Колористическая гамма «Матери с двумя детьми II» отличается от ранних работ серии. Она гораздо светлее и ярче, чем ее предшественницы. Тем не менее напряженное мрачное настроение никуда не исчезло. К чистым оранжевым, желтым и зеленым цветам Шиле примешивает грязный серо-зеленый колорит. Этот эффект лишает картину какого-либо умиротворения, добавляя к ощущению безысходности смерти момент нервного ожидания.
Данная картина Шиле завершает небольшую серию, в которой были также «Видящий собственного духа I» (1910, галерея Сент-Этьен, Нью-Йорк) и «Пророки» («Двойной автопортрет», 1911, Галерея искусств Мальборо-Герсон, Нью-Йорк). Несмотря на схожесть в композиционном построении — плоский фон, две фигуры на переднем плане, — произведения наполнены разными аллегориями. Если в «Видящем собственного духа I» Шиле наделяет свое второе «Я» фемининными чертами, то в «Двойном автопортрете» рассматривается тема противоречивости пророчеств. Главным в этой работе является стремление к спиритуальности как в визуальном, так и концептуальном разрезе. Данный подход находит более развитое выражение в «Видящем собственного духа II» («Смерть и мужчина»). Фигура мужчины, размещенная на переднем плане, трактована в абстрактной манере, но более конкретно по сравнению с изображением стоящей за ней Смерти. Смерть мягко прикасается к Жизни с каким-то смущенно-застенчивым выражением лица.

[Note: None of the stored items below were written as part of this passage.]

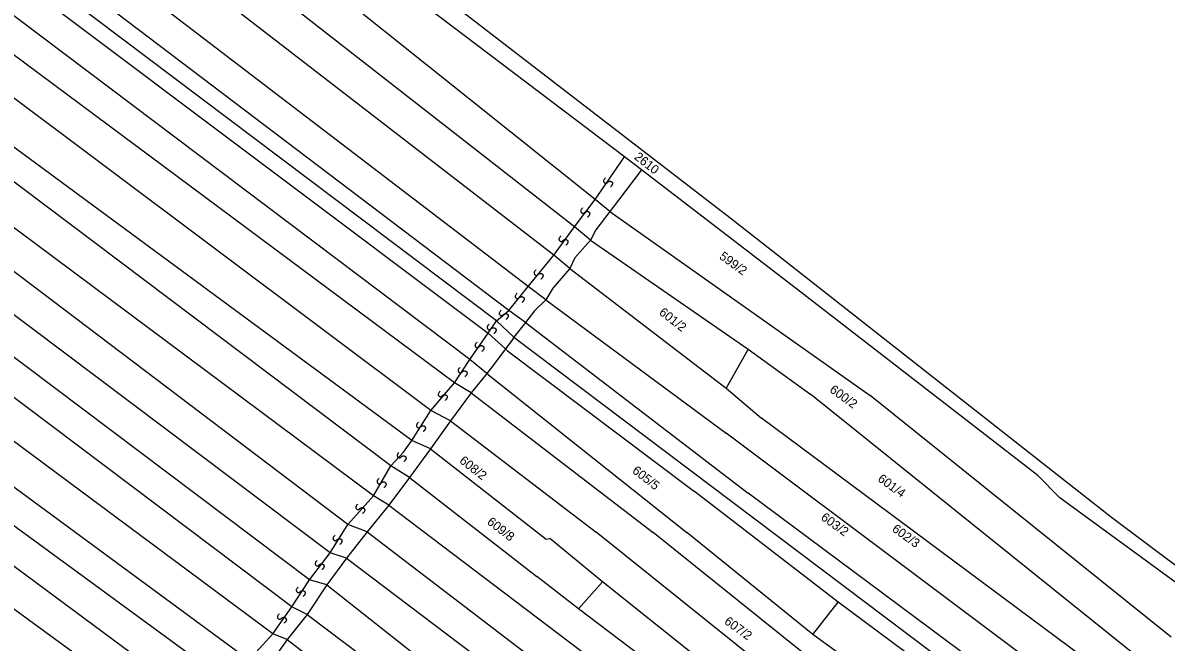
# Model space of a CAD drawing. Extents: x -581999 to -572728, y -1219553 to -1212032.
# Drawn here: x -577300.4 to -577046.4, y -1214683.3 to -1214545.7 of the extents above; entities that cross this region are included whole.
import ezdxf

# ---------------------------------------------------------------- set-up
doc = ezdxf.new("R2010")
doc.units = 0
for name, color, linetype in [('Vrstva 1', 7, 'Continuous'), ('Vrstva 2', 7, 'Continuous'), ('Vrstva 4', 7, 'Continuous'), ('Vrstva 6', 7, 'Continuous')]:
    doc.layers.add(name, color=color, linetype=linetype)

msp = doc.modelspace()

# ---------------------------------------------------------------- linework, layer by layer
at = {"layer": 'Vrstva 1'}
for p, q in [((-577173.2, -1214584.99), (-577388.875, -1214412.664)), ((-577177.814, -1214590.998), (-577393.467, -1214422.653)), ((-577182.425, -1214597.319), (-577397.014, -1214431.636)), ((-577188.1, -1214604.306), (-577399.497, -1214442.615)), ((-577192.44, -1214609.601), (-577401.268, -1214451.245)), ((-577195.178, -1214611.902), (-577402.391, -1214455.725)), ((-577403.465, -1214459.556), (-577196.983, -1214614.687)), ((-577201.069, -1214620.511), (-577405.865, -1214466.181)), ((-577204.509, -1214625.687), (-577407.639, -1214474.498)), ((-577209.72, -1214631.864), (-577409.72, -1214482.041)), ((-577213.976, -1214638.518), (-577414.023, -1214491.133)), ((-577218.587, -1214644.174), (-577416.861, -1214494.793)), ((-577222.489, -1214650.828), (-577423.245, -1214501.114)), ((-577228.164, -1214657.149), (-577427.856, -1214506.104)), ((-577232.066, -1214663.47), (-577433.26, -1214512.135)), ((-577236.677, -1214669.459), (-577438.393, -1214517.882)), ((-577240.578, -1214675.447), (-577443.108, -1214523.072)), ((-577244.835, -1214681.436), (-577449.136, -1214530.094)), ((-577250.174, -1214687.3), (-577454.627, -1214537.038)), ((-577253.702, -1214693.08), (-577459.151, -1214542.716)), ((-577258.313, -1214699.069), (-577462.971, -1214547.742)), ((-577262.569, -1214705.057), (-577467.937, -1214555.011)), ((-577162.904, -1214578.354), (-577166.7, -1214575.508)), ((-577170.008, -1214587.651), (-577173.2, -1214584.99)), ((-577174.264, -1214593.972), (-577177.814, -1214590.998)), ((-577178.875, -1214600.294), (-577182.425, -1214597.319)), ((-577184.195, -1214607.28), (-577188.1, -1214604.306)), ((-577188.711, -1214612.273), (-577192.44, -1214609.601)), ((-577191.284, -1214615.55), (-577195.178, -1214611.902)), ((-577193.144, -1214618.161), (-577196.983, -1214614.687)), ((-577191.713, -1214616.296), (-577193.144, -1214618.161)), ((-577191.284, -1214615.55), (-577065.274, -1214710.541)), ((-577193.144, -1214618.161), (-577195.94, -1214621.94)), ((-577192.695, -1214618.556), (-577193.144, -1214618.161)), ((-577197.32, -1214623.628), (-577201.069, -1214620.511)), ((-577200.79, -1214627.895), (-577204.509, -1214625.687)), ((-577205.332, -1214634.167), (-577209.72, -1214631.864)), ((-577209.808, -1214640.335), (-577213.976, -1214638.518)), ((-577214.507, -1214646.763), (-577218.587, -1214644.174)), ((-577219.047, -1214652.877), (-577222.489, -1214650.828)), ((-577223.897, -1214658.832), (-577228.164, -1214657.149)), ((-577228.435, -1214664.63), (-577232.066, -1214663.47)), ((-577232.819, -1214670.588), (-577236.677, -1214669.459)), ((-577237.207, -1214677.176), (-577240.578, -1214675.447)), ((-577241.673, -1214682.738), (-577244.835, -1214681.436))]:
    msp.add_line(p, q, dxfattribs=at)
for points in [[(-577166.7, -1214575.508), (-577251.364, -1214511.356), (-577280.716, -1214488.105)], [(-577143.306, -1214589.054), (-577228.604, -1214523.24), (-577244.701, -1214511.924)], [(-577039.499, -1214673.547), (-577070.025, -1214651.227), (-577074.89, -1214646.289), (-577128.538, -1214604.786), (-577162.904, -1214578.354), (-577168.07, -1214585.096)], [(-577168.07, -1214585.096), (-577170.008, -1214587.651), (-577173.08, -1214591.681)], [(-577170.008, -1214587.651), (-577112.132, -1214628.524)], [(-576930.254, -1214757.061), (-576935.99, -1214747.903), (-576959.905, -1214728.809), (-576982.36, -1214712.757), (-577058.553, -1214655.612), (-577135.842, -1214594.867), (-577143.306, -1214589.054)], [(-577173.08, -1214591.681), (-577174.264, -1214593.972), (-577177.778, -1214597.952)], [(-577174.264, -1214593.972), (-577139.259, -1214618.21)], [(-577177.778, -1214597.952), (-577178.875, -1214600.294), (-577182.634, -1214604.697)], [(-577178.875, -1214600.294), (-577144.115, -1214626.909)], [(-577182.634, -1214604.697), (-577184.195, -1214607.28), (-577186.702, -1214609.711)], [(-577186.702, -1214609.711), (-577188.711, -1214612.273), (-577191.284, -1214615.55), (-577191.713, -1214616.296)], [(-577184.195, -1214607.28), (-577144.115, -1214636.89)], [(-577188.711, -1214612.273), (-577139.236, -1214650.19)], [(-577192.695, -1214618.556), (-577151.196, -1214649.83)], [(-577139.259, -1214618.21), (-577144.115, -1214626.909)], [(-577139.259, -1214618.21), (-577125.314, -1214628.254)], [(-577195.94, -1214621.94), (-577197.32, -1214623.628), (-577200.79, -1214627.895)], [(-577197.32, -1214623.628), (-577152.883, -1214658.973)], [(-577144.115, -1214626.909), (-577136.312, -1214633.563)], [(-577200.79, -1214627.895), (-577205.332, -1214634.167)], [(-577200.79, -1214627.895), (-577160.362, -1214658.983)], [(-577049.661, -1214689.077), (-577125.314, -1214628.254)], [(-577045.273, -1214682.181), (-577112.132, -1214628.524)], [(-577205.332, -1214634.167), (-577209.808, -1214640.335)], [(-577205.332, -1214634.167), (-577173.006, -1214658.877)], [(-577053.701, -1214694.938), (-577136.312, -1214633.563)], [(-577058.086, -1214701.362), (-577144.115, -1214636.89)], [(-577209.808, -1214640.335), (-577214.507, -1214646.763)], [(-577209.808, -1214640.335), (-577184.096, -1214660.411), (-577183.332, -1214660.313)], [(-577214.507, -1214646.763), (-577219.047, -1214652.877)], [(-577214.507, -1214646.763), (-577186.205, -1214668.725)], [(-577119.273, -1214674.449), (-577151.196, -1214649.83)], [(-577062.16, -1214707.631), (-577139.236, -1214650.19)], [(-577219.047, -1214652.877), (-577223.897, -1214658.832)], [(-577219.047, -1214652.877), (-577164.908, -1214693.88)], [(-577223.897, -1214658.832), (-577228.435, -1214664.63)], [(-577223.897, -1214658.832), (-577179.208, -1214692.919)], [(-577171.581, -1214669.881), (-577183.332, -1214660.313)], [(-577079.7, -1214733.798), (-577173.006, -1214658.877)], [(-577075.315, -1214727.217), (-577160.362, -1214658.983)], [(-577124.863, -1214681.597), (-577152.883, -1214658.973)], [(-577228.435, -1214664.63), (-577232.819, -1214670.588)], [(-577228.435, -1214664.63), (-577189.2, -1214694.359)], [(-577232.819, -1214670.588), (-577237.207, -1214677.176)], [(-577232.819, -1214670.588), (-577191.421, -1214703.301)], [(-577176.933, -1214675.904), (-577186.205, -1214668.725)], [(-577176.933, -1214675.904), (-577171.581, -1214669.881)], [(-577083.62, -1214740.224), (-577171.581, -1214669.881)], [(-577124.863, -1214681.597), (-577119.273, -1214674.449)], [(-577066.387, -1214713.741), (-577119.273, -1214674.449)], [(-577237.207, -1214677.176), (-577241.673, -1214682.738)], [(-577237.207, -1214677.176), (-577190.483, -1214712.437)], [(-577104.63, -1214730.744), (-577176.933, -1214675.904)], [(-577241.673, -1214682.738), (-577246.058, -1214689.011)], [(-577241.673, -1214682.738), (-577193.003, -1214720.312)], [(-577070.932, -1214720.95), (-577124.863, -1214681.597)]]:
    msp.add_lwpolyline(points, dxfattribs=at)
at = {"layer": 'Vrstva 4'}
for p, q in [((-577192.44, -1214609.601), (-577188.1, -1214604.306)), ((-577195.178, -1214611.902), (-577192.44, -1214609.601)), ((-577196.983, -1214614.687), (-577195.178, -1214611.902)), ((-577201.069, -1214620.511), (-577196.983, -1214614.687)), ((-577204.509, -1214625.687), (-577201.069, -1214620.511)), ((-577209.72, -1214631.864), (-577204.509, -1214625.687)), ((-577213.976, -1214638.518), (-577209.72, -1214631.864)), ((-577215.808, -1214641.119), (-577213.976, -1214638.518)), ((-577228.164, -1214657.149), (-577222.489, -1214650.828)), ((-577232.066, -1214663.47), (-577228.164, -1214657.149)), ((-577236.677, -1214669.459), (-577232.066, -1214663.47)), ((-577240.578, -1214675.447), (-577236.677, -1214669.459)), ((-577244.835, -1214681.436), (-577240.578, -1214675.447)), ((-577250.174, -1214687.3), (-577244.835, -1214681.436))]:
    msp.add_line(p, q, dxfattribs=at)
for points in [[(-577188.1, -1214604.306), (-577182.425, -1214597.319), (-577177.814, -1214590.998), (-577173.2, -1214584.99), (-577166.7, -1214575.508)], [(-577222.489, -1214650.828), (-577218.587, -1214644.174), (-577215.808, -1214641.119)]]:
    msp.add_lwpolyline(points, dxfattribs=at)
at = {"layer": 'Vrstva 6'}
for points in [[(-577170.962, -1214580.13), (-577171.549, -1214580.752), (-577171.094, -1214581.361), (-577170.688, -1214581.349), (-577170.402, -1214581.044), (-577170.096, -1214580.89), (-577169.796, -1214580.906), (-577169.589, -1214581.008), (-577169.413, -1214581.211), (-577169.368, -1214581.575), (-577169.703, -1214582.087), (-577169.861, -1214582.179)], [(-577176.016, -1214586.817), (-577176.603, -1214587.439), (-577176.148, -1214588.048), (-577175.742, -1214588.036), (-577175.456, -1214587.731), (-577175.15, -1214587.577), (-577174.85, -1214587.593), (-577174.643, -1214587.695), (-577174.467, -1214587.898), (-577174.422, -1214588.262), (-577174.757, -1214588.774), (-577174.915, -1214588.866)], [(-577180.854, -1214593.072), (-577181.441, -1214593.694), (-577180.986, -1214594.303), (-577180.58, -1214594.291), (-577180.294, -1214593.986), (-577179.988, -1214593.832), (-577179.688, -1214593.848), (-577179.481, -1214593.95), (-577179.305, -1214594.153), (-577179.26, -1214594.517), (-577179.595, -1214595.029), (-577179.753, -1214595.121)], [(-577186.385, -1214600.597), (-577186.972, -1214601.219), (-577186.517, -1214601.828), (-577186.111, -1214601.816), (-577185.825, -1214601.511), (-577185.519, -1214601.357), (-577185.219, -1214601.373), (-577185.012, -1214601.475), (-577184.836, -1214601.678), (-577184.791, -1214602.042), (-577185.126, -1214602.554), (-577185.284, -1214602.646)], [(-577190.579, -1214605.774), (-577191.166, -1214606.396), (-577190.711, -1214607.005), (-577190.305, -1214606.993), (-577190.019, -1214606.688), (-577189.713, -1214606.534), (-577189.413, -1214606.55), (-577189.206, -1214606.652), (-577189.03, -1214606.855), (-577188.985, -1214607.219), (-577189.32, -1214607.731), (-577189.478, -1214607.823)], [(-577194.127, -1214609.548), (-577194.714, -1214610.17), (-577194.259, -1214610.779), (-577193.853, -1214610.767), (-577193.567, -1214610.462), (-577193.261, -1214610.308), (-577192.961, -1214610.324), (-577192.754, -1214610.426), (-577192.578, -1214610.629), (-577192.533, -1214610.993), (-577192.868, -1214611.505), (-577193.026, -1214611.597)], [(-577196.815, -1214612.676), (-577197.402, -1214613.298), (-577196.947, -1214613.907), (-577196.541, -1214613.895), (-577196.255, -1214613.59), (-577195.949, -1214613.436), (-577195.649, -1214613.452), (-577195.442, -1214613.554), (-577195.266, -1214613.757), (-577195.221, -1214614.121), (-577195.556, -1214614.633), (-577195.714, -1214614.725)], [(-577199.503, -1214616.666), (-577200.09, -1214617.288), (-577199.635, -1214617.897), (-577199.229, -1214617.885), (-577198.943, -1214617.58), (-577198.637, -1214617.426), (-577198.337, -1214617.442), (-577198.13, -1214617.544), (-577197.954, -1214617.747), (-577197.909, -1214618.111), (-577198.244, -1214618.623), (-577198.402, -1214618.715)], [(-577203.266, -1214622.274), (-577203.853, -1214622.896), (-577203.398, -1214623.505), (-577202.992, -1214623.493), (-577202.706, -1214623.188), (-577202.4, -1214623.034), (-577202.1, -1214623.05), (-577201.893, -1214623.152), (-577201.717, -1214623.355), (-577201.672, -1214623.719), (-577202.007, -1214624.231), (-577202.165, -1214624.323)], [(-577207.675, -1214627.559), (-577208.262, -1214628.181), (-577207.807, -1214628.79), (-577207.401, -1214628.778), (-577207.115, -1214628.473), (-577206.809, -1214628.319), (-577206.509, -1214628.335), (-577206.302, -1214628.437), (-577206.126, -1214628.64), (-577206.081, -1214629.004), (-577206.416, -1214629.516), (-577206.574, -1214629.608)], [(-577212.513, -1214634.461), (-577213.1, -1214635.083), (-577212.645, -1214635.692), (-577212.239, -1214635.68), (-577211.953, -1214635.375), (-577211.647, -1214635.221), (-577211.347, -1214635.237), (-577211.14, -1214635.339), (-577210.964, -1214635.542), (-577210.919, -1214635.906), (-577211.254, -1214636.418), (-577211.412, -1214636.51)], [(-577216.814, -1214641.147), (-577217.401, -1214641.769), (-577216.946, -1214642.378), (-577216.54, -1214642.366), (-577216.254, -1214642.061), (-577215.948, -1214641.907), (-577215.648, -1214641.923), (-577215.441, -1214642.025), (-577215.265, -1214642.228), (-577215.22, -1214642.592), (-577215.555, -1214643.104), (-577215.713, -1214643.196)], [(-577221.258, -1214646.936), (-577221.845, -1214647.558), (-577221.39, -1214648.167), (-577220.984, -1214648.155), (-577220.698, -1214647.85), (-577220.392, -1214647.696), (-577220.092, -1214647.712), (-577219.885, -1214647.814), (-577219.709, -1214648.017), (-577219.664, -1214648.381), (-577219.999, -1214648.893), (-577220.157, -1214648.985)], [(-577225.989, -1214652.652), (-577226.576, -1214653.274), (-577226.121, -1214653.883), (-577225.715, -1214653.871), (-577225.429, -1214653.566), (-577225.123, -1214653.412), (-577224.823, -1214653.428), (-577224.616, -1214653.53), (-577224.44, -1214653.733), (-577224.395, -1214654.097), (-577224.73, -1214654.609), (-577224.888, -1214654.701)], [(-577231.042, -1214659.554), (-577231.629, -1214660.176), (-577231.174, -1214660.785), (-577230.768, -1214660.773), (-577230.482, -1214660.468), (-577230.176, -1214660.314), (-577229.876, -1214660.33), (-577229.669, -1214660.432), (-577229.493, -1214660.635), (-577229.448, -1214660.999), (-577229.783, -1214661.511), (-577229.941, -1214661.603)], [(-577235.021, -1214665.162), (-577235.608, -1214665.784), (-577235.153, -1214666.393), (-577234.747, -1214666.381), (-577234.461, -1214666.076), (-577234.155, -1214665.922), (-577233.855, -1214665.938), (-577233.648, -1214666.04), (-577233.472, -1214666.243), (-577233.427, -1214666.607), (-577233.762, -1214667.119), (-577233.92, -1214667.211)], [(-577239.214, -1214671.094), (-577239.801, -1214671.716), (-577239.346, -1214672.325), (-577238.94, -1214672.313), (-577238.654, -1214672.008), (-577238.348, -1214671.854), (-577238.048, -1214671.87), (-577237.841, -1214671.972), (-577237.665, -1214672.175), (-577237.62, -1214672.539), (-577237.955, -1214673.051), (-577238.113, -1214673.143)], [(-577243.407, -1214677.026), (-577243.994, -1214677.648), (-577243.539, -1214678.257), (-577243.133, -1214678.245), (-577242.847, -1214677.94), (-577242.541, -1214677.786), (-577242.241, -1214677.802), (-577242.034, -1214677.904), (-577241.858, -1214678.107), (-577241.813, -1214678.471), (-577242.148, -1214678.983), (-577242.306, -1214679.075)]]:
    msp.add_open_spline(points, degree=2, dxfattribs=at)

# ---------------------------------------------------------------- texts
at = {"layer": 'Vrstva 2'}
for s, rotation, p in [('2610', 321.94113, (-577164.716, -1214575.818)), ('599/2', 324.13776, (-577145.832, -1214597.974)), ('601/2', 321.94113, (-577159.203, -1214610.352)), ('600/2', 324.13776, (-577121.317, -1214627.594)), ('608/2', 321.94113, (-577203.554, -1214643.312)), ('605/5', 321.94113, (-577165.164, -1214645.532)), ('601/4', 324.13776, (-577110.627, -1214647.404)), ('603/2', 324.13776, (-577123.26, -1214655.981)), ('609/8', 321.94113, (-577197.409, -1214656.907)), ('602/3', 324.13776, (-577107.45, -1214658.538)), ('607/2', 324.13776, (-577144.717, -1214679.081))]:
    msp.add_text(s, height=2, rotation=rotation, dxfattribs=at).set_placement(p)

doc.saveas('drawing.dxf')

Картина выполнена в темных тонах. Акцент на бестелесности Смерти Шиле делает цветом — самым светлым и ярким пятном на холсте является именно ее фигура. Складывается впечатление, что она полупрозрачна, соткана из светящейся эфирной субстанции.
Картина «Отшельники» продолжает тему амбивалентности, начатую в обеих версиях «Видящего собственного духа», «Пророках». С этой серии у Шиле появляются работы, в названиях которых слышится религиозный оттенок. Себя в полотнах он изображает в монашеском образе. Композиционное строение холста имеет ту же структуру, что и в названных произведениях: смысловой центр представлен двумя сливающимися друг с другом мужскими фигурами, написанными в натуральную величину. Это сам живописец (слева) и его наставник Климт (справа). Художник делал акцент на своем намерении изобразить фигуры так, чтобы не было ясно, каким образом они объединяются в целое. Сросшиеся тела, облаченные в черные одежды, покроем напоминающие те, что любили носить Климт и подражавший ему Шиле, стоят на земле. В этой двусмысленной трактовке кроется поэтическая идея произведения. Творцы «вмяты» друг в друга, рождая новую субстанцию — своеобразное «облако праха», восстающее из земли, являющееся ее продолжением. Их объединяет декадентский эмоциональный настрой — очевидно, что облако будет развеяно, когда живописцы израсходуют отмеренный им запас сил.
Квазирелигиозная идея произведения заключается в сравнении художника, отвергаемого массовой, официальной культурой, с мучеником. Шиле предлагает необычную трактовку образа Климта. Перед зрителем предстает изможденный человек. Его лоб исчерчен глубокими морщинами, ввалившиеся глаза с темными кругами прикрыты. Утратившая силы фигура опирается на плечо, подставленное Шиле. Как уже упоминалось, идеи Климта, которые он начал внедрять в изобразительное искусство, были приняты неоднозначно. Его творчество к моменту написания данной картины постепенно начинало выходить из моды. Собственный портрет Шиле трактует более активно: полные губы, контрастирующие с впалостью щек, болезненно-энергичный взгляд широко раскрытых глаз, голова, украшенная венком из высохшего чертополоха. Он предстает защитником нового авангардного течения в искусстве.
Картина Шиле «Кардинал и монахиня» считается ответом художника на тюремное заключение. Она — парафраз «Поцелуя» Климта (1907–1908, галерея Бельведер, Вена), вышедшего из-под кисти мастера в 1907. При очевидной общности темы и композиции произведение Шиле является антиподом «Поцелуя». В отличие от наполненной позитивным чувством работы Климта «Ласка» становится воплощением темных страстей. Художник отказывается от золота, делая фон полотна непроницаемо-черным. Неестественность объятий подчеркнута сложенными в молитвенный жест руками. Здесь нет и следа от чувственности картин Климта — на лице монахини написано смятение.